Like a lot of the MPs elected for the first time last fall, Megan Leslie (BA Hons. ’03) didn’t have quite as much time as she might have liked to prepare to take her seat in the House, wrote Maclean’s in a story about the member for Halifax in its May 25 issue.

But those unlikely first weeks didn’t seem to throw Leslie, 35, off balance. In less than six months in the House, she has attracted an unusual amount of notice – enough to win her the best rookie MP title in the Maclean’s poll of her peers. She speaks with a passion on subjects like energy efficiency, and she sees potential to make an impact where others bemoan the ordinary MP’s impotence. “It’s really remarkable to see how much influence you can have if you are prepared, understand the issues well, and are confident,” she says. “I’ve seen MPs walk into committees and say, ‘This is the way we should be going,’ and other MPs – it doesn’t matter which party – say, ‘Yeah, I agree with that.’”
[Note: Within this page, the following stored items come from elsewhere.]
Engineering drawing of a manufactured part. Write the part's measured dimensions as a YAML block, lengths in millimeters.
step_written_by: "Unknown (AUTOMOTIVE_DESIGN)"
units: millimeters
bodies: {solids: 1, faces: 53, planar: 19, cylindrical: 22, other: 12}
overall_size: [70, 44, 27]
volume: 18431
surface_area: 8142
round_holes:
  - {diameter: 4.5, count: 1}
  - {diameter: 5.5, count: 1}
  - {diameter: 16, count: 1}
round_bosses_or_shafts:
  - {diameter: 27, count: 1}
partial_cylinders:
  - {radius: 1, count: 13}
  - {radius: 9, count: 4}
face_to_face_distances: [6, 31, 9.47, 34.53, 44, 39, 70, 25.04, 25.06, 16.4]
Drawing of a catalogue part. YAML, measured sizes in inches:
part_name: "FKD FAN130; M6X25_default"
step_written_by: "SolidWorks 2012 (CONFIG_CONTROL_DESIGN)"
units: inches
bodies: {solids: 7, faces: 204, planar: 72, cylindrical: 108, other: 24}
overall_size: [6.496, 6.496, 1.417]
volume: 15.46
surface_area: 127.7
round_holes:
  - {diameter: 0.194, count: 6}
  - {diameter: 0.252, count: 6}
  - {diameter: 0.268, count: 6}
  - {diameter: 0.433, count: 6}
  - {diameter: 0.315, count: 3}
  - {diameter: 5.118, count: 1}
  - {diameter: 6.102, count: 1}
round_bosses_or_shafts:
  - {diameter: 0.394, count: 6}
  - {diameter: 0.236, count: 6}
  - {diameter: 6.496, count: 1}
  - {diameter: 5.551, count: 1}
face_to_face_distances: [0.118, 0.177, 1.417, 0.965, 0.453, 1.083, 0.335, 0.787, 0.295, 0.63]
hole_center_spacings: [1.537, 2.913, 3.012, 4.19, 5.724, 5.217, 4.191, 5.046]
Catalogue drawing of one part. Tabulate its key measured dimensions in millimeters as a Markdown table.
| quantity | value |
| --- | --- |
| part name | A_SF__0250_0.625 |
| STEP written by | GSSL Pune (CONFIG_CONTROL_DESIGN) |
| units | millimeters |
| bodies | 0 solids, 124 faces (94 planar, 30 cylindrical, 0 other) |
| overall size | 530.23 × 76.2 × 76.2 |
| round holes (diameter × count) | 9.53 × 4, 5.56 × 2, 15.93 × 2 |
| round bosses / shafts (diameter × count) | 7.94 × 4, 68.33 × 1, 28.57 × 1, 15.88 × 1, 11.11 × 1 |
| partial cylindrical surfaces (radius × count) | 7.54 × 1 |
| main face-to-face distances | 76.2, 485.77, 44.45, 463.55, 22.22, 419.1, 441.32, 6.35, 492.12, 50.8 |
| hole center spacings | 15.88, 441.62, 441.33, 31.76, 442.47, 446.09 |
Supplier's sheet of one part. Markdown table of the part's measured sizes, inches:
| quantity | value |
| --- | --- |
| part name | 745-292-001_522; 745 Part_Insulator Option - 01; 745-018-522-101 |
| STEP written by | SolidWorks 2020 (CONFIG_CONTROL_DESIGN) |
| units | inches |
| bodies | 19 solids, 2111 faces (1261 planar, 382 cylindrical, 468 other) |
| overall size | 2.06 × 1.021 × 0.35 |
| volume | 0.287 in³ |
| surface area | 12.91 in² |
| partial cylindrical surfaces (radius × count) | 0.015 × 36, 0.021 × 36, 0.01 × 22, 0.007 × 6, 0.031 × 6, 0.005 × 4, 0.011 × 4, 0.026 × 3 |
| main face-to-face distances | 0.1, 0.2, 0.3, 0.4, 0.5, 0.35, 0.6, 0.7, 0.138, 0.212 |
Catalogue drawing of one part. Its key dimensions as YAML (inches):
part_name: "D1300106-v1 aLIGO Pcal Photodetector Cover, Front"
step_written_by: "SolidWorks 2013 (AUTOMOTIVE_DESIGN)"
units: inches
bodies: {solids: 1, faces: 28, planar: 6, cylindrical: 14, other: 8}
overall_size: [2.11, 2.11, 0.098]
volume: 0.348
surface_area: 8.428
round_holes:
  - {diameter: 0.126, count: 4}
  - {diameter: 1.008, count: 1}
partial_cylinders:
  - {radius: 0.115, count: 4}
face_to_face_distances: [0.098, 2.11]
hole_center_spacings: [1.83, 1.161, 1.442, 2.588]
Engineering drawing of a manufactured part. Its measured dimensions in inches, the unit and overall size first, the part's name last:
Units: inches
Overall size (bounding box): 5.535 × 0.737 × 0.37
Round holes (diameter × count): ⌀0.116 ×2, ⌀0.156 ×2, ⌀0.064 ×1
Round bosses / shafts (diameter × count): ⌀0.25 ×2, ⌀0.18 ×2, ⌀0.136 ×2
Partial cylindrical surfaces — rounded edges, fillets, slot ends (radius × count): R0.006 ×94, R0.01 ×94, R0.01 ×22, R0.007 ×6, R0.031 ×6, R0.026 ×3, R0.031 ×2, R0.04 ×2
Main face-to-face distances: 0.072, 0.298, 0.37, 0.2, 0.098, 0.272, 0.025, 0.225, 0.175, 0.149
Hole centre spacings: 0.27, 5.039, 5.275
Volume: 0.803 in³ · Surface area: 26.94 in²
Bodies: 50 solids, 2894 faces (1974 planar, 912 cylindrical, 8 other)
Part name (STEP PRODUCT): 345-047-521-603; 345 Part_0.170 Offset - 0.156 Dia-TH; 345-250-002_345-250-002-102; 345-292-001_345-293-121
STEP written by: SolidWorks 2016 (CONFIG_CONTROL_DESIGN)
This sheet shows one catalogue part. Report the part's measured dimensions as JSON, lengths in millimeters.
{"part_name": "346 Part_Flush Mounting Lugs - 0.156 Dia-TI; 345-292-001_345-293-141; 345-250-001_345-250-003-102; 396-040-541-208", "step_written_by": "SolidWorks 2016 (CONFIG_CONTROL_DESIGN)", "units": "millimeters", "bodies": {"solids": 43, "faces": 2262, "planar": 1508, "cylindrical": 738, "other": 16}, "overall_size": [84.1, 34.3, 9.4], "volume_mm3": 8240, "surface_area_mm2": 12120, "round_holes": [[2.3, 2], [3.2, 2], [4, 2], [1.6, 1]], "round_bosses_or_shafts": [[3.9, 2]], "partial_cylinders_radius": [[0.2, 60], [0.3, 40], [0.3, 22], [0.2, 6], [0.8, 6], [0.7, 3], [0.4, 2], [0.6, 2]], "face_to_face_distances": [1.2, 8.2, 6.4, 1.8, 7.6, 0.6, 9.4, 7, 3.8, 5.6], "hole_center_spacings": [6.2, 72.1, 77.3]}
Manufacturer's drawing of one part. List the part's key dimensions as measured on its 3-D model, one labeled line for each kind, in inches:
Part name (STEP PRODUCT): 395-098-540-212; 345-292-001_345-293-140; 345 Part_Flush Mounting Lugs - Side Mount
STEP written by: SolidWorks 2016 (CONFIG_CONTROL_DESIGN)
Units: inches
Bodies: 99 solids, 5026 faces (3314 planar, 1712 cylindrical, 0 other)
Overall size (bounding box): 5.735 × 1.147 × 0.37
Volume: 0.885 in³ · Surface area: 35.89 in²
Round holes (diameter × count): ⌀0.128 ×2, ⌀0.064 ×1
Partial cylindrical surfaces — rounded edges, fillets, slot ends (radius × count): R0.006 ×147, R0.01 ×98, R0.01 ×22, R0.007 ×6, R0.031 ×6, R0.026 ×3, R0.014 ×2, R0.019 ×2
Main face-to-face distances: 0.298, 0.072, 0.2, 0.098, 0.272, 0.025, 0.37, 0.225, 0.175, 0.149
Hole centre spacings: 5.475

Now, having made an early impression on the Hill, Leslie needs to figure out how to make a difference – as a member of the fourth-place party. One forum she hopes to use is the cross-party group, such as Senator Roméo Dallaire’s All-Party Parliamentary Group for the Prevention of Genocide and other Crimes against Humanity, of which she’s a member. “I’m asking, ‘how do I organize communities to care about the issues that I care about?” she says. “But also, how do I organize across party lines with other MPs? I know that sounds very pie-in-the-sky, and maybe naive, but I believe it can be done.”

Pepler promotes retreat and report, says columnist

Folks like…Debra Pepler, distinguished research professor in psychology York University’s Faculty of Health, aren’t merely trying to change schoolyard events, they want to change schoolyard culture – for the worse, wrote columnist Mark Hasiuk in The Vancouver Courier May 20.

They promote “retreat and report” as the only recourse and seem bent on spawning a generation of informants who run screaming from life’s playground at the first sign of adversity. Ask any adult male to recall his most shining boyhood moment, and he’ll probably recite a heroic encounter with a bully. Nobody fondly recalls the time they turned tail, told a teacher and engaged in follow-up consultation with an anti-bullying expert.

On air

  • Ananya Mukherjee-Reed, political science professor in York’s Faculty of Arts, spoke about India’s elections on Radio Canada International’s “The Link” May 19.